_About this exercise_. Here are some entries; quote each one exactly.

(Records supplied Opens)

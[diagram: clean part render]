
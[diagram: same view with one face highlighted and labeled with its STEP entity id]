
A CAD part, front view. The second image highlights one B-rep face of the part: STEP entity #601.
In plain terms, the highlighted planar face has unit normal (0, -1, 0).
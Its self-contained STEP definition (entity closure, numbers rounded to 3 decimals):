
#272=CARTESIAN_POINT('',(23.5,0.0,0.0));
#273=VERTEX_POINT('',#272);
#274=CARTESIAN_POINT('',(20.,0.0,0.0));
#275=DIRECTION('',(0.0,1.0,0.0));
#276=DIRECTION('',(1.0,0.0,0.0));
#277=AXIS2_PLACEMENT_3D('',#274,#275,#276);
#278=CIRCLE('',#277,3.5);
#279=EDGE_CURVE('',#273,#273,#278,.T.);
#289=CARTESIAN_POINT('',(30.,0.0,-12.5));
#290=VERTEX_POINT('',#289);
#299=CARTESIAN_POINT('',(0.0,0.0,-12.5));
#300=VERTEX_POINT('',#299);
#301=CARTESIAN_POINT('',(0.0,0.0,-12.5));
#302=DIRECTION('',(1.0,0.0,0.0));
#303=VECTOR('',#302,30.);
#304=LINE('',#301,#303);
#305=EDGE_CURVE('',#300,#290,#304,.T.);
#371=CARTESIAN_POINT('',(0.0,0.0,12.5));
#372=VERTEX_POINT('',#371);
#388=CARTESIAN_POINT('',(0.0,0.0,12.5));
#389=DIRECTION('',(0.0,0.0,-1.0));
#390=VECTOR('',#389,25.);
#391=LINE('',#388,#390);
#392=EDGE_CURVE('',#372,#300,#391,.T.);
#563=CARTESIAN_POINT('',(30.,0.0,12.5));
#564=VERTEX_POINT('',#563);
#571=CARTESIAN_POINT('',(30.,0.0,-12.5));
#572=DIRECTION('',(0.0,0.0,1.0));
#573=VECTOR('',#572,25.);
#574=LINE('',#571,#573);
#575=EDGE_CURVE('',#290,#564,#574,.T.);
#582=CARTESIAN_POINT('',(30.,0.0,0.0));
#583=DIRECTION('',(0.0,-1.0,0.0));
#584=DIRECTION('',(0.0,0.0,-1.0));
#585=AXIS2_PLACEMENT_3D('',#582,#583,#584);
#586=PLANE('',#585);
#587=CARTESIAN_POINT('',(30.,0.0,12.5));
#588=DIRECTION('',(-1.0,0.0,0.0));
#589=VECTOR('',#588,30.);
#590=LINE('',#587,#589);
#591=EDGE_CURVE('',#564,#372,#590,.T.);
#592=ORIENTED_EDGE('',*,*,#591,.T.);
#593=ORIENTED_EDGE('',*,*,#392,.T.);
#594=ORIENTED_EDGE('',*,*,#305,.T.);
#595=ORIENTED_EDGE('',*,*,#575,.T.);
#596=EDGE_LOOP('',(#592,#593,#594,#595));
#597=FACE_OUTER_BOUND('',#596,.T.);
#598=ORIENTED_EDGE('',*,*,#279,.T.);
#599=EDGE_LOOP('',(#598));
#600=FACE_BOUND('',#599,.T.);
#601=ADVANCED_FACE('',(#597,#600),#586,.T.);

(Records supplied Closes)

_Response box_.
[diagram: clean part render]
[diagram: same view with one face highlighted and labeled with its STEP entity id]
A CAD part, front view. The second image highlights one B-rep face of the part: STEP entity #601.
In plain terms, the highlighted planar face has unit normal (0, -1, 0).
Its self-contained STEP definition (entity closure, numbers rounded to 3 decimals):
#272=CARTESIAN_POINT('',(23.5,0.0,0.0));
#273=VERTEX_POINT('',#272);
#274=CARTESIAN_POINT('',(20.,0.0,0.0));
#275=DIRECTION('',(0.0,1.0,0.0));
#276=DIRECTION('',(1.0,0.0,0.0));
#277=AXIS2_PLACEMENT_3D('',#274,#275,#276);
#278=CIRCLE('',#277,3.5);
#279=EDGE_CURVE('',#273,#273,#278,.T.);
#289=CARTESIAN_POINT('',(30.,0.0,-12.5));
#290=VERTEX_POINT('',#289);
#299=CARTESIAN_POINT('',(0.0,0.0,-12.5));
#300=VERTEX_POINT('',#299);
#301=CARTESIAN_POINT('',(0.0,0.0,-12.5));
#302=DIRECTION('',(1.0,0.0,0.0));
#303=VECTOR('',#302,30.);
#304=LINE('',#301,#303);
#305=EDGE_CURVE('',#300,#290,#304,.T.);
#371=CARTESIAN_POINT('',(0.0,0.0,12.5));
#372=VERTEX_POINT('',#371);
#388=CARTESIAN_POINT('',(0.0,0.0,12.5));
#389=DIRECTION('',(0.0,0.0,-1.0));
#390=VECTOR('',#389,25.);
#391=LINE('',#388,#390);
#392=EDGE_CURVE('',#372,#300,#391,.T.);
#563=CARTESIAN_POINT('',(30.,0.0,12.5));
#564=VERTEX_POINT('',#563);
#571=CARTESIAN_POINT('',(30.,0.0,-12.5));
#572=DIRECTION('',(0.0,0.0,1.0));
#573=VECTOR('',#572,25.);
#574=LINE('',#571,#573);
#575=EDGE_CURVE('',#290,#564,#574,.T.);
#582=CARTESIAN_POINT('',(30.,0.0,0.0));
#583=DIRECTION('',(0.0,-1.0,0.0));
#584=DIRECTION('',(0.0,0.0,-1.0));
#585=AXIS2_PLACEMENT_3D('',#582,#583,#584);
#586=PLANE('',#585);
#587=CARTESIAN_POINT('',(30.,0.0,12.5));
#588=DIRECTION('',(-1.0,0.0,0.0));
#589=VECTOR('',#588,30.);
#590=LINE('',#587,#589);
#591=EDGE_CURVE('',#564,#372,#590,.T.);
#592=ORIENTED_EDGE('',*,*,#591,.T.);
#593=ORIENTED_EDGE('',*,*,#392,.T.);
#594=ORIENTED_EDGE('',*,*,#305,.T.);
#595=ORIENTED_EDGE('',*,*,#575,.T.);
#596=EDGE_LOOP('',(#592,#593,#594,#595));
#597=FACE_OUTER_BOUND('',#596,.T.);
#598=ORIENTED_EDGE('',*,*,#279,.T.);
#599=EDGE_LOOP('',(#598));
#600=FACE_BOUND('',#599,.T.);
#601=ADVANCED_FACE('',(#597,#600),#586,.T.);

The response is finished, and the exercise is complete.